(Data records)
^^^^^^^^^^^^^^^^

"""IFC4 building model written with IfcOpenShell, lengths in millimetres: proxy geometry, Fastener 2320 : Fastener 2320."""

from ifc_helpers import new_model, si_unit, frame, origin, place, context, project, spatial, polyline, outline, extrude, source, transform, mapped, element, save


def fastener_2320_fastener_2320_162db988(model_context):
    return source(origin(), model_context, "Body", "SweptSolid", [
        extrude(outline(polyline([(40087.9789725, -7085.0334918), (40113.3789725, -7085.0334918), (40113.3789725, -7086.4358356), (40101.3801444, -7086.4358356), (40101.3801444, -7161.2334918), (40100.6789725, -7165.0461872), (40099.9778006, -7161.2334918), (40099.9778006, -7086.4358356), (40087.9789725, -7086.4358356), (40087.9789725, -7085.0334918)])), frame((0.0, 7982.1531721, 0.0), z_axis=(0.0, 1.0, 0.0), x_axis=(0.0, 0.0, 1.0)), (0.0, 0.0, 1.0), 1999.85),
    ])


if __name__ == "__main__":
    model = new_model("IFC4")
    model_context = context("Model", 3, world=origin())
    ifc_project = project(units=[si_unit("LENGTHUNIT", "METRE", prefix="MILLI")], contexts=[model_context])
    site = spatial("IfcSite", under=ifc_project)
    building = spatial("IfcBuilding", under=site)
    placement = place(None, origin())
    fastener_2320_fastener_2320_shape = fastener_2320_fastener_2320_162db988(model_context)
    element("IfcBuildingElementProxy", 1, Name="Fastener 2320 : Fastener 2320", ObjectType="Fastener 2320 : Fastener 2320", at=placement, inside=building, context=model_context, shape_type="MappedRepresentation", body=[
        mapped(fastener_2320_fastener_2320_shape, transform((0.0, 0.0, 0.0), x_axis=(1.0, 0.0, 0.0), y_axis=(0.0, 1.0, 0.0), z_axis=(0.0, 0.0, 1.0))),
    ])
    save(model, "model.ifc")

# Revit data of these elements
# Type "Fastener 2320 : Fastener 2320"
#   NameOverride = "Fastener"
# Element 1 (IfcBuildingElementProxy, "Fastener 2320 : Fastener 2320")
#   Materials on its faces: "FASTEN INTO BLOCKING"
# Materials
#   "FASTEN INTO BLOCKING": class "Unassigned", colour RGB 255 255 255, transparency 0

^^^^^^^^^^^^^^^^

Requirement ->
All of the records above should be transcribed exactly.

Result below ->
"""IFC4 building model written with IfcOpenShell, lengths in millimetres: proxy geometry, Fastener 2320 : Fastener 2320."""

from ifc_helpers import new_model, si_unit, frame, origin, place, context, project, spatial, polyline, outline, extrude, source, transform, mapped, element, save


def fastener_2320_fastener_2320_162db988(model_context):
    return source(origin(), model_context, "Body", "SweptSolid", [
        extrude(outline(polyline([(40087.9789725, -7085.0334918), (40113.3789725, -7085.0334918), (40113.3789725, -7086.4358356), (40101.3801444, -7086.4358356), (40101.3801444, -7161.2334918), (40100.6789725, -7165.0461872), (40099.9778006, -7161.2334918), (40099.9778006, -7086.4358356), (40087.9789725, -7086.4358356), (40087.9789725, -7085.0334918)])), frame((0.0, 7982.1531721, 0.0), z_axis=(0.0, 1.0, 0.0), x_axis=(0.0, 0.0, 1.0)), (0.0, 0.0, 1.0), 1999.85),
    ])


if __name__ == "__main__":
    model = new_model("IFC4")
    model_context = context("Model", 3, world=origin())
    ifc_project = project(units=[si_unit("LENGTHUNIT", "METRE", prefix="MILLI")], contexts=[model_context])
    site = spatial("IfcSite", under=ifc_project)
    building = spatial("IfcBuilding", under=site)
    placement = place(None, origin())
    fastener_2320_fastener_2320_shape = fastener_2320_fastener_2320_162db988(model_context)
    element("IfcBuildingElementProxy", 1, Name="Fastener 2320 : Fastener 2320", ObjectType="Fastener 2320 : Fastener 2320", at=placement, inside=building, context=model_context, shape_type="MappedRepresentation", body=[
        mapped(fastener_2320_fastener_2320_shape, transform((0.0, 0.0, 0.0), x_axis=(1.0, 0.0, 0.0), y_axis=(0.0, 1.0, 0.0), z_axis=(0.0, 0.0, 1.0))),
    ])
    save(model, "model.ifc")

# Revit data of these elements
# Type "Fastener 2320 : Fastener 2320"
#   NameOverride = "Fastener"
# Element 1 (IfcBuildingElementProxy, "Fastener 2320 : Fastener 2320")
#   Materials on its faces: "FASTEN INTO BLOCKING"
# Materials
#   "FASTEN INTO BLOCKING": class "Unassigned", colour RGB 255 255 255, transparency 0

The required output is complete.